● Problem to work on
Every line of the data that includes "dxfattribs" should be copied out.

● Data for analysis
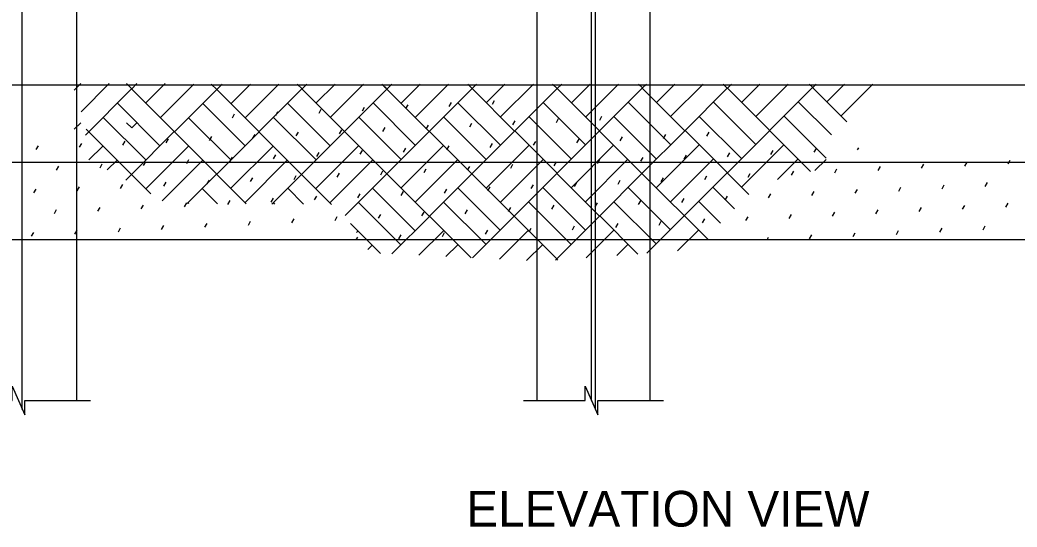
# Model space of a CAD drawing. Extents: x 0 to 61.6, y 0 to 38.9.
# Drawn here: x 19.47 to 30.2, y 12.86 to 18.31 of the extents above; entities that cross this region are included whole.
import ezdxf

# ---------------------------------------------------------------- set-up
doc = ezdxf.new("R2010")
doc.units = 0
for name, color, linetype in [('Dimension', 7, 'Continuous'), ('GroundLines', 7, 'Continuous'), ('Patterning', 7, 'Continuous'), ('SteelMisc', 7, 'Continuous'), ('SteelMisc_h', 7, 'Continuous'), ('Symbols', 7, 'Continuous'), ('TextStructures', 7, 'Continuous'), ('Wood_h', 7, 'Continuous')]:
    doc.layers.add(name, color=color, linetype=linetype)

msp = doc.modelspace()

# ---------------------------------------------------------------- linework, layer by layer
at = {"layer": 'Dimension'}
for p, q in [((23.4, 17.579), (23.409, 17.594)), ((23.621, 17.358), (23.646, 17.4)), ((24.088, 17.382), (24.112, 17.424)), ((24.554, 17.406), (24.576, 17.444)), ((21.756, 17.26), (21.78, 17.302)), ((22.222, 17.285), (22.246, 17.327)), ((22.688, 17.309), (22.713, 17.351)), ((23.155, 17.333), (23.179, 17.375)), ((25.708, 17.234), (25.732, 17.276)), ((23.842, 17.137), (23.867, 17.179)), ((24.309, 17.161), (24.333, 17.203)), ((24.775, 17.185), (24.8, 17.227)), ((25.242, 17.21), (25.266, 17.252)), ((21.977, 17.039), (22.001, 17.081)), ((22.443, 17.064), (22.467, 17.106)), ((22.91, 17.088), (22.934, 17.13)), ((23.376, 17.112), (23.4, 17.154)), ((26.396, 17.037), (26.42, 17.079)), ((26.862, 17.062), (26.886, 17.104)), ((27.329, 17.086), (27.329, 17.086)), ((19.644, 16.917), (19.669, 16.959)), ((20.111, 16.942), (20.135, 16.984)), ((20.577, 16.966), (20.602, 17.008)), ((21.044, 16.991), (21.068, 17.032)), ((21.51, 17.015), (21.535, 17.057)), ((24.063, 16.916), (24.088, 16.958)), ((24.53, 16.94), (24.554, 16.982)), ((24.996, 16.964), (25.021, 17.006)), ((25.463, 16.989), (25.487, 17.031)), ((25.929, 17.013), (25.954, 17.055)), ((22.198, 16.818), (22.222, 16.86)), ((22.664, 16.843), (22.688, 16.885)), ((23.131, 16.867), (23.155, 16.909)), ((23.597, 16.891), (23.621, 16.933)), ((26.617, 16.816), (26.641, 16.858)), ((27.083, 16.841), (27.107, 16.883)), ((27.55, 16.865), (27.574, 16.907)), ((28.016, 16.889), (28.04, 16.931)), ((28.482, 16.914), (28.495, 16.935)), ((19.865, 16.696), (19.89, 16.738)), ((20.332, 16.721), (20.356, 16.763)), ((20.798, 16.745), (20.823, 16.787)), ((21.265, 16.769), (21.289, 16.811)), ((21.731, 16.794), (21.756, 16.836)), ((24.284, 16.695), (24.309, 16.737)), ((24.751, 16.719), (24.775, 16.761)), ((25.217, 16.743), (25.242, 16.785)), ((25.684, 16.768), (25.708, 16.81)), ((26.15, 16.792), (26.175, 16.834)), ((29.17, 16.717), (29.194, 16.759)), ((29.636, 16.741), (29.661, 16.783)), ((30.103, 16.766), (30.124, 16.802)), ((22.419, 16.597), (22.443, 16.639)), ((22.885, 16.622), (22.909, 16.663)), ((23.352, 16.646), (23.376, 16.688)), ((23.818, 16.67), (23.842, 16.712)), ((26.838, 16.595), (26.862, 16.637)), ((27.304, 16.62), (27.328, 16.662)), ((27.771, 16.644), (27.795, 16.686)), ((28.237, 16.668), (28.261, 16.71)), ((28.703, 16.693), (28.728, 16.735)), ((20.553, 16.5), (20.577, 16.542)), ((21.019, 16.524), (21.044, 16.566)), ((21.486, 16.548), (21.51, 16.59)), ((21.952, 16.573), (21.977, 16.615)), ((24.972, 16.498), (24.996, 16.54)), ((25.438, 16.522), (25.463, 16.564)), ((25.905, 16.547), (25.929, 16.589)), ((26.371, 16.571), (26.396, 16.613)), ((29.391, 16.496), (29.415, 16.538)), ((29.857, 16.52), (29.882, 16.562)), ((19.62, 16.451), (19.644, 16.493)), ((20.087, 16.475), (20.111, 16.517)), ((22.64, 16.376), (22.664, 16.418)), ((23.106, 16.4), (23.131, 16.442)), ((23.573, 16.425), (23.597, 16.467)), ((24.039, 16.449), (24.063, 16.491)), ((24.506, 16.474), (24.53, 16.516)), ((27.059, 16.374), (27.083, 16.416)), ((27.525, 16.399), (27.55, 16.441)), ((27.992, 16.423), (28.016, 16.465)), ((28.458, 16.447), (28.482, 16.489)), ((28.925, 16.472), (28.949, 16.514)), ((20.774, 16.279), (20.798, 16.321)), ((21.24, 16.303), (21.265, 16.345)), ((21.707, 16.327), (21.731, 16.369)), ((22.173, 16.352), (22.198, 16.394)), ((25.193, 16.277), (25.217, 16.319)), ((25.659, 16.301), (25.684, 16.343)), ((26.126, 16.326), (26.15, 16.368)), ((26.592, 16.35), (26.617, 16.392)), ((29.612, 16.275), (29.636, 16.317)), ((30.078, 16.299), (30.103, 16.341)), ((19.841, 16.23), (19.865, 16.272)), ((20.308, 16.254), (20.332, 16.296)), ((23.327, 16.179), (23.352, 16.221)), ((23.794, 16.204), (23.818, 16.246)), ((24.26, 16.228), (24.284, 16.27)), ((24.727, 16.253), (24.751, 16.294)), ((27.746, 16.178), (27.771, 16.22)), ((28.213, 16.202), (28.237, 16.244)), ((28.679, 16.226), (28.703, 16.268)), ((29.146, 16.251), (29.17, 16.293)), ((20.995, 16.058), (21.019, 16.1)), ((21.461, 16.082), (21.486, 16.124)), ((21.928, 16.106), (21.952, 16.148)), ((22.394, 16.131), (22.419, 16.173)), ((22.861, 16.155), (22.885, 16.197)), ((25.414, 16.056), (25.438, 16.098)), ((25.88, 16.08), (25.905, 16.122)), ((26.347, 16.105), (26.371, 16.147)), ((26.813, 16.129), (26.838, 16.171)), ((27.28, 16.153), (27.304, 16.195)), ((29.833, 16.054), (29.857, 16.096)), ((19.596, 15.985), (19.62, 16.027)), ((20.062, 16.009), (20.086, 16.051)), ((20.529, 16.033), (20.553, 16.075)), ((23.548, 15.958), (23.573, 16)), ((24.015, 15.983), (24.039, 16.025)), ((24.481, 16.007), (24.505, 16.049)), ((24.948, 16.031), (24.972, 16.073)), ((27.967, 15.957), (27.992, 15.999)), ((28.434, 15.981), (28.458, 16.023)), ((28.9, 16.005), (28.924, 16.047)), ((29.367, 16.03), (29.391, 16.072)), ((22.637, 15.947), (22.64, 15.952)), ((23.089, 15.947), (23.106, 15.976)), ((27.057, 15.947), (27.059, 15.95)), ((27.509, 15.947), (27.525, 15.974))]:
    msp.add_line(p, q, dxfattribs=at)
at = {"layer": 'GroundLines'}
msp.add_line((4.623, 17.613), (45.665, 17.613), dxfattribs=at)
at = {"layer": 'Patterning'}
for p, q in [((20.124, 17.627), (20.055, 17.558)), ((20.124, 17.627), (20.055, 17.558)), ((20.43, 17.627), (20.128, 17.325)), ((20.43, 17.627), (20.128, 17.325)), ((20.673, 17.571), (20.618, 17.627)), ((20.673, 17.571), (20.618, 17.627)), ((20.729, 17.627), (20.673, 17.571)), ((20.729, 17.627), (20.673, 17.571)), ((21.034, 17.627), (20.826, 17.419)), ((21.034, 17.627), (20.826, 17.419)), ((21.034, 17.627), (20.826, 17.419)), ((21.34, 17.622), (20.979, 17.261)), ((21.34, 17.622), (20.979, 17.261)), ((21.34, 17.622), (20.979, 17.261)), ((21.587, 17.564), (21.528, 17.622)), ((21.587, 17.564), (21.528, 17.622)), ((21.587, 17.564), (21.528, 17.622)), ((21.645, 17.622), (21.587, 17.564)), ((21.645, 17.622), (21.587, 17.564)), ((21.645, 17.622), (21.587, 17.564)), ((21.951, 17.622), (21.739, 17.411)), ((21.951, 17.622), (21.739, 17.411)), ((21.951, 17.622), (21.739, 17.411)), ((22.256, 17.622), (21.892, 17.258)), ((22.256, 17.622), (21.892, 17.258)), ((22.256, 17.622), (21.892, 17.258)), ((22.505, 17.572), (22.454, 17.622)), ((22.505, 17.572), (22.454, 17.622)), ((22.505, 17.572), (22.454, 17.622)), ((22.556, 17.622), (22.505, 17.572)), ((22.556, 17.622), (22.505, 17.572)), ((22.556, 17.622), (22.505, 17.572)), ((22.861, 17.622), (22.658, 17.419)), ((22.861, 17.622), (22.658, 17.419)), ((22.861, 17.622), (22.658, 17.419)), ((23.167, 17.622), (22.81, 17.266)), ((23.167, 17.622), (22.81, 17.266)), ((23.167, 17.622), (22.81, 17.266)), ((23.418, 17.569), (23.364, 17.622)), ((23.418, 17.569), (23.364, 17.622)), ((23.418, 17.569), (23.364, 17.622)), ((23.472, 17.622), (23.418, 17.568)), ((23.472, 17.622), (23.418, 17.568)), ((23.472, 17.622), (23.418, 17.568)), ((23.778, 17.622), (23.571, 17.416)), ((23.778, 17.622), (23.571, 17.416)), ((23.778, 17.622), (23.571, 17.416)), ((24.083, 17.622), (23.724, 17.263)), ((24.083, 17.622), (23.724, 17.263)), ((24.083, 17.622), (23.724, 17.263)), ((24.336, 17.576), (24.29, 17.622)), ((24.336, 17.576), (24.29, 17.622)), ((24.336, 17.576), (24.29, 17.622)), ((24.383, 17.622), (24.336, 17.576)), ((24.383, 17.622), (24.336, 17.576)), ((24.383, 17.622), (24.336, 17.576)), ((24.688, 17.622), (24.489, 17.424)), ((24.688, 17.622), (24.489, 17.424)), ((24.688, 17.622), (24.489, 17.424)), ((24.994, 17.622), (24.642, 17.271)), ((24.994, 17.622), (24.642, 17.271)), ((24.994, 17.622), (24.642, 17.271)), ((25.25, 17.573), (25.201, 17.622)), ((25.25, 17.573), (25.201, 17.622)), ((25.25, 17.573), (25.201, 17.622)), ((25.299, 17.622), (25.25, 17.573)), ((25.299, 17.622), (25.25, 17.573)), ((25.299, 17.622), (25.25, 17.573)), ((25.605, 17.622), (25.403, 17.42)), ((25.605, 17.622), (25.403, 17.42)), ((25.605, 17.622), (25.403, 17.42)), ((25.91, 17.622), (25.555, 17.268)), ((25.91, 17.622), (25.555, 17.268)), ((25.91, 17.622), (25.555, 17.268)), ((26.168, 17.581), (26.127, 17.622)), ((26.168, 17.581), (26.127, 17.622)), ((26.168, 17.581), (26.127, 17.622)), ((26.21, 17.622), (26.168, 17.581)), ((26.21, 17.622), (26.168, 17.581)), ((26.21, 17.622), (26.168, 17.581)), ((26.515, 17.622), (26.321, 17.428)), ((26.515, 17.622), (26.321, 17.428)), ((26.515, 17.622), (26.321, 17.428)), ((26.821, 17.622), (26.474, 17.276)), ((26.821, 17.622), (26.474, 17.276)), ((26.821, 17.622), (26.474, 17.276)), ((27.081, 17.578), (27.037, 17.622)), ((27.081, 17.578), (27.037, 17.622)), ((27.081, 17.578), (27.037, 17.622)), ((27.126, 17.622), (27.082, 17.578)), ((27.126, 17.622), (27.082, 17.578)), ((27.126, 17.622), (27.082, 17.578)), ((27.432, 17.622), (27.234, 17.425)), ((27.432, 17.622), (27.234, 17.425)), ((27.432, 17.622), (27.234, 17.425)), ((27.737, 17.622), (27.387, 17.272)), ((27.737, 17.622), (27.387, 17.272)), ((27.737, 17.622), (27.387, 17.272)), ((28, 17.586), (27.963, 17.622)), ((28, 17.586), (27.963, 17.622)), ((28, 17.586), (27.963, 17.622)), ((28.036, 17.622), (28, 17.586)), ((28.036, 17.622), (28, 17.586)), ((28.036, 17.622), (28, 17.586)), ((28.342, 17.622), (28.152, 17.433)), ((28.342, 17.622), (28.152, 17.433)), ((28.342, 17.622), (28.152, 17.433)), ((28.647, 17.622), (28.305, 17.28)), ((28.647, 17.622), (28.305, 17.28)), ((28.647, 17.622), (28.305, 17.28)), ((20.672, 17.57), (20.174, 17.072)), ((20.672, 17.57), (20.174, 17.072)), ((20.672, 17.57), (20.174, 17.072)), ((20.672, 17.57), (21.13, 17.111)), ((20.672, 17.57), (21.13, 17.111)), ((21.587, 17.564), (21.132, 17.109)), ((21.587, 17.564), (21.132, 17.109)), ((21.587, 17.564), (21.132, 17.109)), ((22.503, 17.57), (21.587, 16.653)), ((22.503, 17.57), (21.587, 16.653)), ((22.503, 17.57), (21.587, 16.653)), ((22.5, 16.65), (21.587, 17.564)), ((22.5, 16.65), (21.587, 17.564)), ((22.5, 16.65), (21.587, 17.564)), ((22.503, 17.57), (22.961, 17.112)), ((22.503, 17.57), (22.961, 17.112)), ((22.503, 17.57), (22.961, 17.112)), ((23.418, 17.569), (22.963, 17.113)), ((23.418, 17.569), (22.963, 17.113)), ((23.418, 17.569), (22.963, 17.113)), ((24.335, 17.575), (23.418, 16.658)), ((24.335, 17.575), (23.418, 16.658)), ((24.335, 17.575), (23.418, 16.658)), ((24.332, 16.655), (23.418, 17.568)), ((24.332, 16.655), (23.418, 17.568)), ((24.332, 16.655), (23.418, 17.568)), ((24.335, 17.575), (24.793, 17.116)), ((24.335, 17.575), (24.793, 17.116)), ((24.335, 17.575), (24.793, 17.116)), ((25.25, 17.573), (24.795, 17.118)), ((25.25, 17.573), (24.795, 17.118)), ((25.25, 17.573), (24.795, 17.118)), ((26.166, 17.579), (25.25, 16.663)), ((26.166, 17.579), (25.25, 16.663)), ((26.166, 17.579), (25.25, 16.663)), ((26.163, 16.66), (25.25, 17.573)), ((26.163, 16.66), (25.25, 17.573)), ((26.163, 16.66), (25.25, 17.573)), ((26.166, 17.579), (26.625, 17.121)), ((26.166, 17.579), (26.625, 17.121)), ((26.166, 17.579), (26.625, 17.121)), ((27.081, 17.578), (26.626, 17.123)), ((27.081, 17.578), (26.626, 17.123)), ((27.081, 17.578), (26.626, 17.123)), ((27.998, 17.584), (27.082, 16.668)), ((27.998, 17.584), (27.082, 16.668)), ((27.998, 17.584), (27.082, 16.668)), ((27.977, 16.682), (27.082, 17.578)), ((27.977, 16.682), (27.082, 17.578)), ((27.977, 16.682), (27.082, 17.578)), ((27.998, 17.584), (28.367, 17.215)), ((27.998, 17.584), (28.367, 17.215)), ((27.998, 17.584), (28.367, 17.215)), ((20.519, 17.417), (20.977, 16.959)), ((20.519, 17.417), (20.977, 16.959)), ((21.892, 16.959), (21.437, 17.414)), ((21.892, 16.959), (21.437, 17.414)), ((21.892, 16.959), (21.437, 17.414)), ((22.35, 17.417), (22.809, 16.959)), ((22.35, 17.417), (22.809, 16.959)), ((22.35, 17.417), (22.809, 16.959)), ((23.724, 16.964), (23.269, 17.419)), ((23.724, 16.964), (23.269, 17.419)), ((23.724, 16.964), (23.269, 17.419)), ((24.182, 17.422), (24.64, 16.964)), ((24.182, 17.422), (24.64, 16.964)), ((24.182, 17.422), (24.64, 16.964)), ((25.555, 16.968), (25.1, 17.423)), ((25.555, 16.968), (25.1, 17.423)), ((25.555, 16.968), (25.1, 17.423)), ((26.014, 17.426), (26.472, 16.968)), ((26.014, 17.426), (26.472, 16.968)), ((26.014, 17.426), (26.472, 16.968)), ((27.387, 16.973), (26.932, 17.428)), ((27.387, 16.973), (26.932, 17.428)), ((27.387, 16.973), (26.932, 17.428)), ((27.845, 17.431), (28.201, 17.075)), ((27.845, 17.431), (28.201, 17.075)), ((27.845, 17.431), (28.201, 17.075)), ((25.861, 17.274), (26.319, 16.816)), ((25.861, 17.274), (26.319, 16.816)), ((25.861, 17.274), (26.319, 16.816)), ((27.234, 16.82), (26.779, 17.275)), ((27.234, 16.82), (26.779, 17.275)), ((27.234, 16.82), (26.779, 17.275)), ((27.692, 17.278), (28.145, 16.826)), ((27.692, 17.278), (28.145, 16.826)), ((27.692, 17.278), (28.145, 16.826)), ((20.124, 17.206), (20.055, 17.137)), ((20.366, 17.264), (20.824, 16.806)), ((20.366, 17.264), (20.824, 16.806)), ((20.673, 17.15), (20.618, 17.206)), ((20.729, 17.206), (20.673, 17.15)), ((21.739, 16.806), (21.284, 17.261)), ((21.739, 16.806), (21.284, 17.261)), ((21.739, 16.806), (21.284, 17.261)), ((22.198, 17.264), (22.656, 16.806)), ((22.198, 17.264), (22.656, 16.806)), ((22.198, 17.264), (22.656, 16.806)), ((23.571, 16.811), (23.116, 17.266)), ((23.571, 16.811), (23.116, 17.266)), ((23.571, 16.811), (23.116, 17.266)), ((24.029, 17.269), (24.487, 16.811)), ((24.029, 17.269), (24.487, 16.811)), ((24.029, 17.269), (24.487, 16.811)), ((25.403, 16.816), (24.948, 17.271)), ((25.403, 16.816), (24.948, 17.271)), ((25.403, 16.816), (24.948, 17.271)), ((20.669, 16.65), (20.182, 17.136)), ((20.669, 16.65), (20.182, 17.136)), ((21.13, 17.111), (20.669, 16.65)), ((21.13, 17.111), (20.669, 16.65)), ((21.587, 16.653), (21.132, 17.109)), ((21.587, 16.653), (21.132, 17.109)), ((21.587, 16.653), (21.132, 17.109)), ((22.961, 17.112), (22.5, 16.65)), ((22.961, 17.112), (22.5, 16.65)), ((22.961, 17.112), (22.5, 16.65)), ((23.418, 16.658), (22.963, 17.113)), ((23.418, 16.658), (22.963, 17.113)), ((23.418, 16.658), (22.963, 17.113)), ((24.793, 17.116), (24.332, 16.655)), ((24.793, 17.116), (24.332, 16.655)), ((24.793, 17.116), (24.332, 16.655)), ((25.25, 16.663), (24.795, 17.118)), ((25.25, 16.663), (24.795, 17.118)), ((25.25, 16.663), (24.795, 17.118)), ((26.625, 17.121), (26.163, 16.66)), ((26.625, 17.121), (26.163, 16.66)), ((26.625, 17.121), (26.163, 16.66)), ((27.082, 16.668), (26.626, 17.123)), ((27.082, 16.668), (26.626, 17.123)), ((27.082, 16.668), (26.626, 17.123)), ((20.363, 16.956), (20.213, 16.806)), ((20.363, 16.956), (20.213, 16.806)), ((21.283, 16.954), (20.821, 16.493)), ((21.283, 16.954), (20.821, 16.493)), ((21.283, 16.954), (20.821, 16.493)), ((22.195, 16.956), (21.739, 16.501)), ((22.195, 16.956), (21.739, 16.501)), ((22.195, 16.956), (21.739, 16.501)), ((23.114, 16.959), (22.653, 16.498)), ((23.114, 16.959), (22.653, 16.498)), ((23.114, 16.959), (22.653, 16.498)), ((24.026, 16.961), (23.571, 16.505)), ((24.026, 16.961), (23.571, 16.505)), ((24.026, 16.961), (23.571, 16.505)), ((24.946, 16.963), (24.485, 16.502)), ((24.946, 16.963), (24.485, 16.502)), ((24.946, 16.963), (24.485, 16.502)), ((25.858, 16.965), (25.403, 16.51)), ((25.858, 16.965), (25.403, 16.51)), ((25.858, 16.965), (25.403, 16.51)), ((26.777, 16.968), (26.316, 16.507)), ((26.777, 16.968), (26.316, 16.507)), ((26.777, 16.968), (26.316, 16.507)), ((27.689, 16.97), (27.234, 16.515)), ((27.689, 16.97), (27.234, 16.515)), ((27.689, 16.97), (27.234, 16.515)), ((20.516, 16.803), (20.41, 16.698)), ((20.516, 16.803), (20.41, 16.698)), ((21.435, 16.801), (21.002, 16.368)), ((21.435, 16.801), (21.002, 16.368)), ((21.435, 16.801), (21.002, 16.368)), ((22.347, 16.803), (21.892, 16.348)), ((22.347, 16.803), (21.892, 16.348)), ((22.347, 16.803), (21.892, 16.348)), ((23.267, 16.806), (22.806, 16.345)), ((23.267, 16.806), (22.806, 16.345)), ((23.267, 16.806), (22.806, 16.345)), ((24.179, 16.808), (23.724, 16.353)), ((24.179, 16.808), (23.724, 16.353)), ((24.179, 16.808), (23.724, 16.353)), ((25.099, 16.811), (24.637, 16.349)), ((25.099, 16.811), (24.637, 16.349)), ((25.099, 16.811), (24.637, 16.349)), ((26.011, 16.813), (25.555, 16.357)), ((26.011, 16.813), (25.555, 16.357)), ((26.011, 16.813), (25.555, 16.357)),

● Written reply
    msp.add_line(p, q, dxfattribs=at)
msp.add_line((4.623, 17.613), (45.665, 17.613), dxfattribs=at)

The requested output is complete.